Here’s a Google Translation of the #8 search result from Yebol. Some of it is fairly mangled, but the first sentence starts “The copy of the twentieth century put online by the National Library…” that seems fairly clear, as do the links to “Full Text,” “Part I,” “Part II” and “third party,” each of which lists the file size. Even in French, it’s not easy to miss that.
Finally, I do admit that this book is rather obscure (unfairly so!), but I think that makes it all the better as a test. In any case, it does make things more tractable as there are not too many versions online to be found. At the moment, unless something new comes up, I’m not planning to do any more experiments like this.
I have found Buzzdock realtime search to be really helpful when I’m looking for text from books. Buzzdock has Amazon as one of its sites that it searches when it gathers results so it automatically picks up results from Amazon that might contain the keywords. It hasn’t failed me yet, so I really like it.

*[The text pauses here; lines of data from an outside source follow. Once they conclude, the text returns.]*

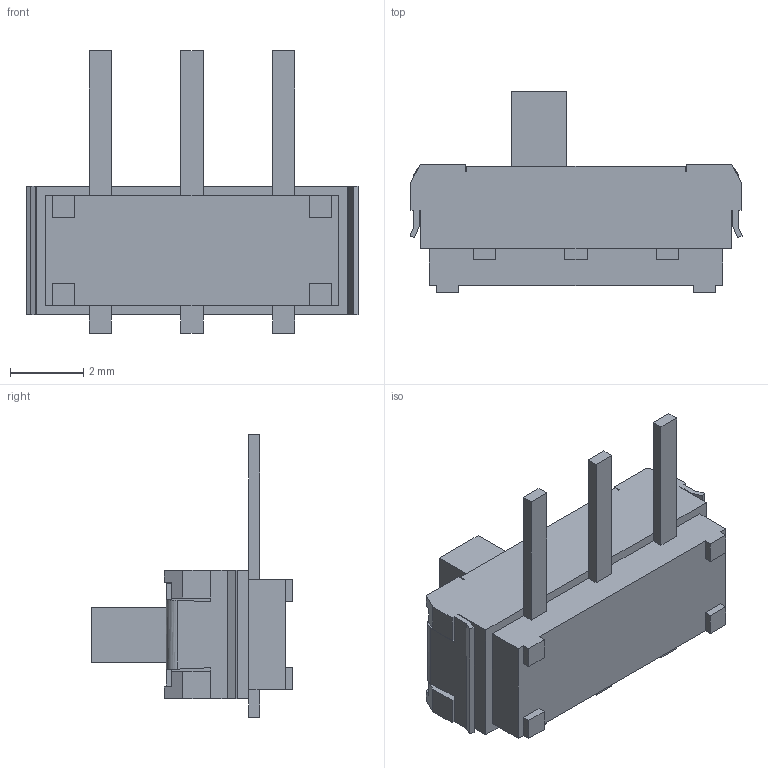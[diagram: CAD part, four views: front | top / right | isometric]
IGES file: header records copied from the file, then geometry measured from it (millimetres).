
Start section:  PTC IGES file: NSS524-012N-ABBD1B.igs
Global section: file name: NSS524-012N-ABBD1B.igs; native system: Pro/ENGINEER by Parametric Technology Corporation; preprocessor: 2008230; author: Rd-Ken; organization: Unknown; date: 20111018.114327; units: millimetre
Bounding box: 9.05 x 5.5 x 7.7 mm (x, y, z)
Volume: 72.4 mm3; surface area: 340.2 mm2
Topology: 1 solids, 1 shells, 321 faces, 972 edges, 628 vertices
Faces by surface type: bspline 283, revolution 38
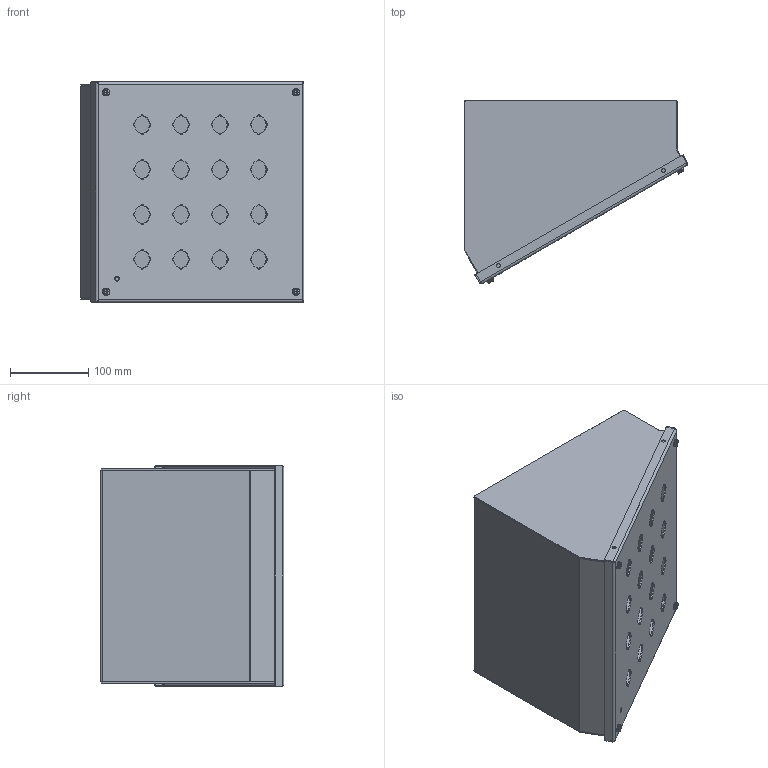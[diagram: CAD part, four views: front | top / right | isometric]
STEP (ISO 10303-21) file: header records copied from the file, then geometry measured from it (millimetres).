
FILE_DESCRIPTION((''),'2;1');
FILE_NAME('MODEL-296_ASM','2021-06-08T08:17:22',('mikek'),('SAGINAW CONTROL & ENGINEERING'),'CREO PARAMETRIC BY PTC INC, 2017260','CREO PARAMETRIC BY PTC INC, 2017260','');
FILE_SCHEMA(('AUTOMOTIVE_DESIGN { 1 0 10303 214 1 1 1 1 }'));
Length unit declared in the file: inch
Products named in the file (14): MODEL-296-BDY; MODEL-296-DR; 100063; 100983; 102534; MODEL-296-GSKT; 100009; CH-ELJ_SUBPANEL; 102479; CH-ELJ_SUBPANEL-SUBASSEMBLY_ASM; 120706; MODEL-296-R-SD; MODEL-296-L-SD; MODEL-296_ASM
Assembly tree (26 placements, depth 3):
  MODEL-296_ASM
    MODEL-296-BDY
    MODEL-296-DR
    100063
    100983  x4
    102534  x4
    MODEL-296-GSKT
    100009  x5
    CH-ELJ_SUBPANEL-SUBASSEMBLY_ASM
      CH-ELJ_SUBPANEL
      102479  x4
    120706
    MODEL-296-R-SD
    MODEL-296-L-SD
Bounding box: 285.07 x 233.96 x 280.99 mm (x, y, z)
Volume: 648522.7 mm3; surface area: 833890.1 mm2
Topology: 28 solids, 28 shells, 1269 faces, 3262 edges, 1928 vertices
Faces by surface type: cylinder 564, plane 389, bspline 168, torus 96, cone 44, sphere 8
Entity records: 34876 total; most frequent: CARTESIAN_POINT 5693, DIRECTION 4397, ORIENTED_EDGE 3964, EDGE_CURVE 1982, PRESENTATION_STYLE_ASSIGNMENT 1897, STYLED_ITEM 1897, CURVE_STYLE 1818, AXIS2_PLACEMENT_3D 1753

As far as I can tell, Buzzdock seems to be yet another browser plug-in that does something similar to Google Custom Search, letting you search across multiple sites, including Twitter, within a simple results window located under the search box on your results page. So, it’s not a search engine, but rather a search aggregator and results presentation engine.
That being said, the subjet of this article is finding online full digital versions of public domain books. For this purpose, the only two Buzzdock search applications that are likely of interest are Amazon and Evri, which is arguably doing something similar to Buzzdock, but adding value through the semantic results processing. You are correct to point out Amazon as a potential source for public domain works, and it does provide search within a number of books, however Amazon’s public domain collection is quite limited; Amazon is more interested in selling books than giving you a free one. In the majority of cases, and especially if the book is popular, Amazon does not provide a free version of public domain books that are also for sale in Kindle editions. So unless you are planning on buying a Kindle version of a public domain book, Amazon doesn’t seem to be a very likely place to look for it.
In the present case, Amazon does not have a free version of La Vingtième Siècle, although you can happily search within the for sale English translation.